Brief:
Extract every record, exactly as written, and ignore the pictures.

Input:
===============

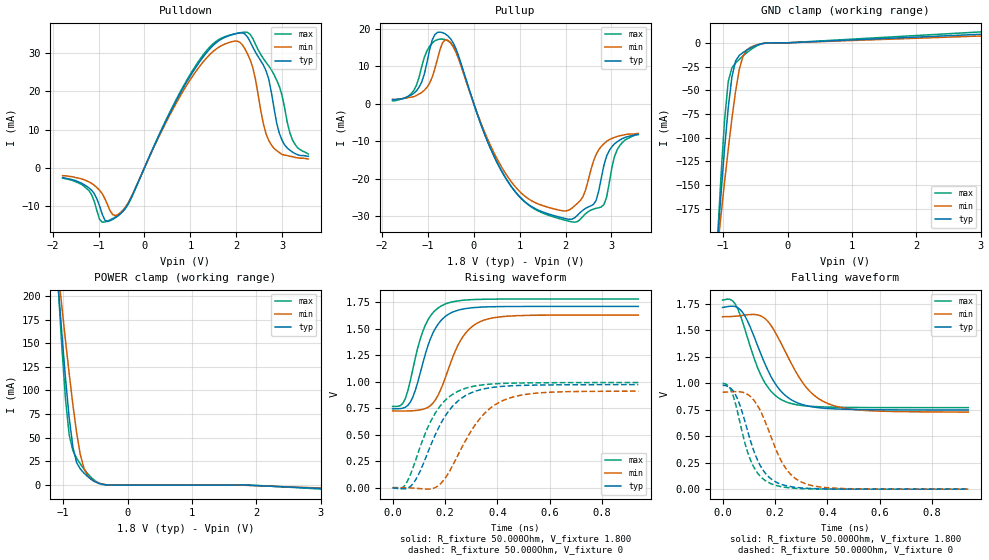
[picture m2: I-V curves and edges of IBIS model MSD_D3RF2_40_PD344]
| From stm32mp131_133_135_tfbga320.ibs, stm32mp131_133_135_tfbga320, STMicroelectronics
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[Model] MSD_D3RF2_40_PD344
Model_type   I/O
C_comp 2.313pF   2.232pF   2.432pF
Vinh = 1.150V
Vinl = 650.000mV
Vmeas = 900.000mV
Vref = 900.000mV
[Model Spec]
Vinh   1.150V   1.100V   1.200V
Vinl   650.000mV   600.000mV   700.000mV
Vmeas   900.000mV   850.000mV   950.000mV
Vref   900.000mV   850.000mV   950.000mV
[Temperature Range]   25.000   125.000   -40.000
[Voltage Range]   1.800V   1.700V   1.900V
[GND Clamp Reference]   0.00V   0.00V   0.00V
[Pulldown Reference]   0.00V   0.00V   0.00V
[POWER Clamp Reference]   1.800V   1.700V   1.900V
[Pullup Reference]   1.800V   1.700V   1.900V
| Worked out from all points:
|   slope of the pulldown table from 0 to 0.27 V, typ, clamps not added: 37.2 ohm
|   slope of the pullup table from 0 to 0.27 V, typ, clamps not added: 29.4 ohm
|   GND clamp passes 1 mA (typ) near -0.41 V on its own axis
|   POWER clamp passes 1 mA (typ) near -0.41 V on its own axis
|   rising waveform, R_fixture 50.000Ohm, V_fixture 1.800: 20-80 % time 78ps typ, 95.5ps min, 70.1ps max; typ from 0.743 V to 1.71 V
|   rising waveform, R_fixture 50.000Ohm, V_fixture 0: 20-80 % time 121ps typ, 139ps min, 110ps max; typ from -0.002 V to 0.971 V
|   falling waveform, R_fixture 50.000Ohm, V_fixture 1.800: 20-80 % time 110ps typ, 131ps min, 94.2ps max; typ from 1.71 V to 0.747 V
|   falling waveform, R_fixture 50.000Ohm, V_fixture 0: 20-80 % time 82.9ps typ, 99.5ps min, 71.1ps max; typ from 0.979 V to 0 V
[GND Clamp]
-1.785V   -901.2mA   -688.6mA   -1.21A
-1.094V   -214.7mA   -220.8mA   -215.3mA
-1.036V   -161.8mA   -183.6mA   -143.3mA
-978.8mV  -112.1mA   -147.2mA   -82.01mA
-921.2mV  -68.48mA   -112.4mA   -40.94mA
-863.6mV  -35.72mA   -79.61mA   -26.14mA
-806.1mV  -18.98mA   -50.62mA   -21.23mA
-748.5mV  -13.21mA   -27.8mA    -17.43mA
-690.9mV  -10.21mA   -13.8mA    -13.87mA
-575.8mV  -5.52mA    -4.739mA   -7.464mA
-345.4mV  -312.6uA   -378.8uA   -329uA
3.57V     10.68mA    8.508mA    13.66mA
[Power Clamp]
-1.77V    882.5mA    689.6mA    1.159A
-1.079V   212.4mA    226.4mA    212.1mA
-1.021V   160.9mA    189.3mA    146.7mA
-963.6mV  112.9mA    152.9mA    90.87mA
-906.1mV  71.13mA    117.8mA    52.88mA
-848.5mV  39.99mA    84.73mA    36.14mA
-790.9mV  23.76mA    55.38mA    28.45mA
-733.3mV  16.95mA    32.18mA    22.29mA
-618.2mV  8.932mA    9.702mA    11.91mA
-503mV    3.404mA    3.492mA    4.434mA
-330.3mV  151.6uA    319.4uA    178.5uA
3.585V    -5.406mA   -4.594mA   -6.496mA
[Pulldown]
-1.785V   -2.6mA     -2.1mA     -2.7mA
-1.209V   -5.3mA     -3.7mA     -6mA
-921.2mV  -12.19mA   -6.8mA     -14.28mA
-575.8mV  -12.61mA   -12.25mA   -12.48mA
1.152V    26.93mA    25.79mA    27.42mA
2.073V    35.35mA    32.95mA    35.37mA
2.361V    31.63mA    26.21mA    33.86mA
2.591V    26.91mA    11.5mA     28.61mA
2.764V    19.8mA     6mA        25.7mA
3.052V    6mA        3.3mA      15.8mA
3.224V    4.1mA      2.9mA      7.3mA
3.57V     3mA        2.3mA      3.6mA
[Pullup]
-1.77V    1.1mA      1.174mA    800uA
-1.309V   2.8mA      1.874mA    3.516mA
-1.021V   11mA       4.389mA    14.14mA
-848.5mV  18.49mA    9.339mA    16.82mA
-618.2mV  18.64mA    17.11mA    17.13mA
-387.9mV  14.68mA    13.71mA    14.14mA
763.6mV   -21.21mA   -19.96mA   -21.18mA
2.145V    -30.84mA   -27.84mA   -31.61mA
2.606V    -26.91mA   -15.4mA    -28.18mA
2.779V    -19.8mA    -11.41mA   -27.59mA
3.124V    -10.2mA    -8.753mA   -12.28mA
3.585V    -8.2mA     -7.926mA   -8.2mA
[Ramp]
R_load=50.000Ohm
dV/dt_r   579.930mV/99.500ps  543.329mV/118.500ps  600.120mV/90.500ps
dV/dt_f   579.930mV/97.000ps  543.329mV/116.000ps  600.120mV/83.500ps
[Rising waveform]
R_fixture=50.000Ohm
V_fixture=1.800
V_fixture_min=1.700
V_fixture_max=1.900
0s        743mV      723.1mV    765.4mV
39ps      749.2mV    722.2mV    794.1mV
68ps      806.8mV    723.7mV    1.01V
96ps      992.7mV    729.4mV    1.317V
125ps     1.259V     746.1mV    1.532V
163ps     1.5V       825.4mV    1.672V
202ps     1.615V     1.041V     1.732V
269ps     1.684V     1.425V     1.767V
355ps     1.704V     1.584V     1.776V
938ps     1.709V     1.627V     1.778V
[Rising waveform]
R_fixture=50.000Ohm
V_fixture=0
0s        -2.08mV    662.1uV    -2.63mV
39ps      -11.36mV   -403.6uV   1.187mV
77ps      33.35mV    -4.317mV   180.1mV
125ps     271.9mV    -13.82mV   512.6mV
163ps     499mV      341.6uV    703.5mV
202ps     678.6mV    93.51mV    825.4mV
259ps     835.1mV    352.5mV    919mV
345ps     929mV      684.3mV    969.1mV
441ps     958.8mV    840.3mV    984.2mV
938ps     971.1mV    909.7mV    990.9mV
[Falling waveform]
R_fixture=50.000Ohm
V_fixture=1.800
V_fixture_min=1.700
V_fixture_max=1.900
0s        1.714V     1.626V     1.783V
39ps      1.726V     1.629V     1.775V
77ps      1.666V     1.639V     1.572V
125ps     1.409V     1.647V     1.203V
154ps     1.227V     1.623V     1.036V
192ps     1.03V      1.517V     904.9mV
240ps     883.1mV    1.294V     825.8mV
326ps     784.6mV    941.4mV    783.4mV
422ps     757.9mV    789.4mV    773.4mV
938ps     746.9mV    727.3mV    768.9mV
[Falling waveform]
R_fixture=50.000Ohm
V_fixture=0
0s        979.2mV    913.7mV    996.9mV
20ps      970.4mV    916.8mV    979.6mV
39ps      931.7mV    919.5mV    893.1mV
68ps      779.6mV    918.1mV    610.8mV
106ps     460.3mV    874.7mV    278.5mV
144ps     220.7mV    741.7mV    121.1mV
183ps     100.9mV    506.8mV    53.8mV
250ps     28.54mV    167.7mV    14.26mV
336ps     6.536mV    36.82mV    2.737mV
938ps     8.307uV    18.37uV    -2.019uV

===============

Worked solution:
[picture m2: I-V curves and edges of IBIS model MSD_D3RF2_40_PD344]
| From stm32mp131_133_135_tfbga320.ibs, stm32mp131_133_135_tfbga320, STMicroelectronics
[Model] MSD_D3RF2_40_PD344
Model_type   I/O
C_comp 2.313pF   2.232pF   2.432pF
Vinh = 1.150V
Vinl = 650.000mV
Vmeas = 900.000mV
Vref = 900.000mV
[Model Spec]
Vinh   1.150V   1.100V   1.200V
Vinl   650.000mV   600.000mV   700.000mV
Vmeas   900.000mV   850.000mV   950.000mV
Vref   900.000mV   850.000mV   950.000mV
[Temperature Range]   25.000   125.000   -40.000
[Voltage Range]   1.800V   1.700V   1.900V
[GND Clamp Reference]   0.00V   0.00V   0.00V
[Pulldown Reference]   0.00V   0.00V   0.00V
[POWER Clamp Reference]   1.800V   1.700V   1.900V
[Pullup Reference]   1.800V   1.700V   1.900V
| Worked out from all points:
|   slope of the pulldown table from 0 to 0.27 V, typ, clamps not added: 37.2 ohm
|   slope of the pullup table from 0 to 0.27 V, typ, clamps not added: 29.4 ohm
|   GND clamp passes 1 mA (typ) near -0.41 V on its own axis
|   POWER clamp passes 1 mA (typ) near -0.41 V on its own axis
|   rising waveform, R_fixture 50.000Ohm, V_fixture 1.800: 20-80 % time 78ps typ, 95.5ps min, 70.1ps max; typ from 0.743 V to 1.71 V
|   rising waveform, R_fixture 50.000Ohm, V_fixture 0: 20-80 % time 121ps typ, 139ps min, 110ps max; typ from -0.002 V to 0.971 V
|   falling waveform, R_fixture 50.000Ohm, V_fixture 1.800: 20-80 % time 110ps typ, 131ps min, 94.2ps max; typ from 1.71 V to 0.747 V
|   falling waveform, R_fixture 50.000Ohm, V_fixture 0: 20-80 % time 82.9ps typ, 99.5ps min, 71.1ps max; typ from 0.979 V to 0 V
[GND Clamp]
-1.785V   -901.2mA   -688.6mA   -1.21A
-1.094V   -214.7mA   -220.8mA   -215.3mA
-1.036V   -161.8mA   -183.6mA   -143.3mA
-978.8mV  -112.1mA   -147.2mA   -82.01mA
-921.2mV  -68.48mA   -112.4mA   -40.94mA
-863.6mV  -35.72mA   -79.61mA   -26.14mA
-806.1mV  -18.98mA   -50.62mA   -21.23mA
-748.5mV  -13.21mA   -27.8mA    -17.43mA
-690.9mV  -10.21mA   -13.8mA    -13.87mA
-575.8mV  -5.52mA    -4.739mA   -7.464mA
-345.4mV  -312.6uA   -378.8uA   -329uA
3.57V     10.68mA    8.508mA    13.66mA
[Power Clamp]
-1.77V    882.5mA    689.6mA    1.159A
-1.079V   212.4mA    226.4mA    212.1mA
-1.021V   160.9mA    189.3mA    146.7mA
-963.6mV  112.9mA    152.9mA    90.87mA
-906.1mV  71.13mA    117.8mA    52.88mA
-848.5mV  39.99mA    84.73mA    36.14mA
-790.9mV  23.76mA    55.38mA    28.45mA
-733.3mV  16.95mA    32.18mA    22.29mA
-618.2mV  8.932mA    9.702mA    11.91mA
-503mV    3.404mA    3.492mA    4.434mA
-330.3mV  151.6uA    319.4uA    178.5uA
3.585V    -5.406mA   -4.594mA   -6.496mA
[Pulldown]
-1.785V   -2.6mA     -2.1mA     -2.7mA
-1.209V   -5.3mA     -3.7mA     -6mA
-921.2mV  -12.19mA   -6.8mA     -14.28mA
-575.8mV  -12.61mA   -12.25mA   -12.48mA
1.152V    26.93mA    25.79mA    27.42mA
2.073V    35.35mA    32.95mA    35.37mA
2.361V    31.63mA    26.21mA    33.86mA
2.591V    26.91mA    11.5mA     28.61mA
2.764V    19.8mA     6mA        25.7mA
3.052V    6mA        3.3mA      15.8mA
3.224V    4.1mA      2.9mA      7.3mA
3.57V     3mA        2.3mA      3.6mA
[Pullup]
-1.77V    1.1mA      1.174mA    800uA
-1.309V   2.8mA      1.874mA    3.516mA
-1.021V   11mA       4.389mA    14.14mA
-848.5mV  18.49mA    9.339mA    16.82mA
-618.2mV  18.64mA    17.11mA    17.13mA
-387.9mV  14.68mA    13.71mA    14.14mA
763.6mV   -21.21mA   -19.96mA   -21.18mA
2.145V    -30.84mA   -27.84mA   -31.61mA
2.606V    -26.91mA   -15.4mA    -28.18mA
2.779V    -19.8mA    -11.41mA   -27.59mA
3.124V    -10.2mA    -8.753mA   -12.28mA
3.585V    -8.2mA     -7.926mA   -8.2mA
[Ramp]
R_load=50.000Ohm
dV/dt_r   579.930mV/99.500ps  543.329mV/118.500ps  600.120mV/90.500ps
dV/dt_f   579.930mV/97.000ps  543.329mV/116.000ps  600.120mV/83.500ps
[Rising waveform]
R_fixture=50.000Ohm
V_fixture=1.800
V_fixture_min=1.700
V_fixture_max=1.900
0s        743mV      723.1mV    765.4mV
39ps      749.2mV    722.2mV    794.1mV
68ps      806.8mV    723.7mV    1.01V
96ps      992.7mV    729.4mV    1.317V
125ps     1.259V     746.1mV    1.532V
163ps     1.5V       825.4mV    1.672V
202ps     1.615V     1.041V     1.732V
269ps     1.684V     1.425V     1.767V
355ps     1.704V     1.584V     1.776V
938ps     1.709V     1.627V     1.778V
[Rising waveform]
R_fixture=50.000Ohm
V_fixture=0
0s        -2.08mV    662.1uV    -2.63mV
39ps      -11.36mV   -403.6uV   1.187mV
77ps      33.35mV    -4.317mV   180.1mV
125ps     271.9mV    -13.82mV   512.6mV
163ps     499mV      341.6uV    703.5mV
202ps     678.6mV    93.51mV    825.4mV
259ps     835.1mV    352.5mV    919mV
345ps     929mV      684.3mV    969.1mV
441ps     958.8mV    840.3mV    984.2mV
938ps     971.1mV    909.7mV    990.9mV
[Falling waveform]
R_fixture=50.000Ohm
V_fixture=1.800
V_fixture_min=1.700
V_fixture_max=1.900
0s        1.714V     1.626V     1.783V
39ps      1.726V     1.629V     1.775V
77ps      1.666V     1.639V     1.572V
125ps     1.409V     1.647V     1.203V
154ps     1.227V     1.623V     1.036V
192ps     1.03V      1.517V     904.9mV
240ps     883.1mV    1.294V     825.8mV
326ps     784.6mV    941.4mV    783.4mV
422ps     757.9mV    789.4mV    773.4mV
938ps     746.9mV    727.3mV    768.9mV
[Falling waveform]
R_fixture=50.000Ohm
V_fixture=0
0s        979.2mV    913.7mV    996.9mV
20ps      970.4mV    916.8mV    979.6mV
39ps      931.7mV    919.5mV    893.1mV
68ps      779.6mV    918.1mV    610.8mV
106ps     460.3mV    874.7mV    278.5mV
144ps     220.7mV    741.7mV    121.1mV
183ps     100.9mV    506.8mV    53.8mV
250ps     28.54mV    167.7mV    14.26mV
336ps     6.536mV    36.82mV    2.737mV
938ps     8.307uV    18.37uV    -2.019uV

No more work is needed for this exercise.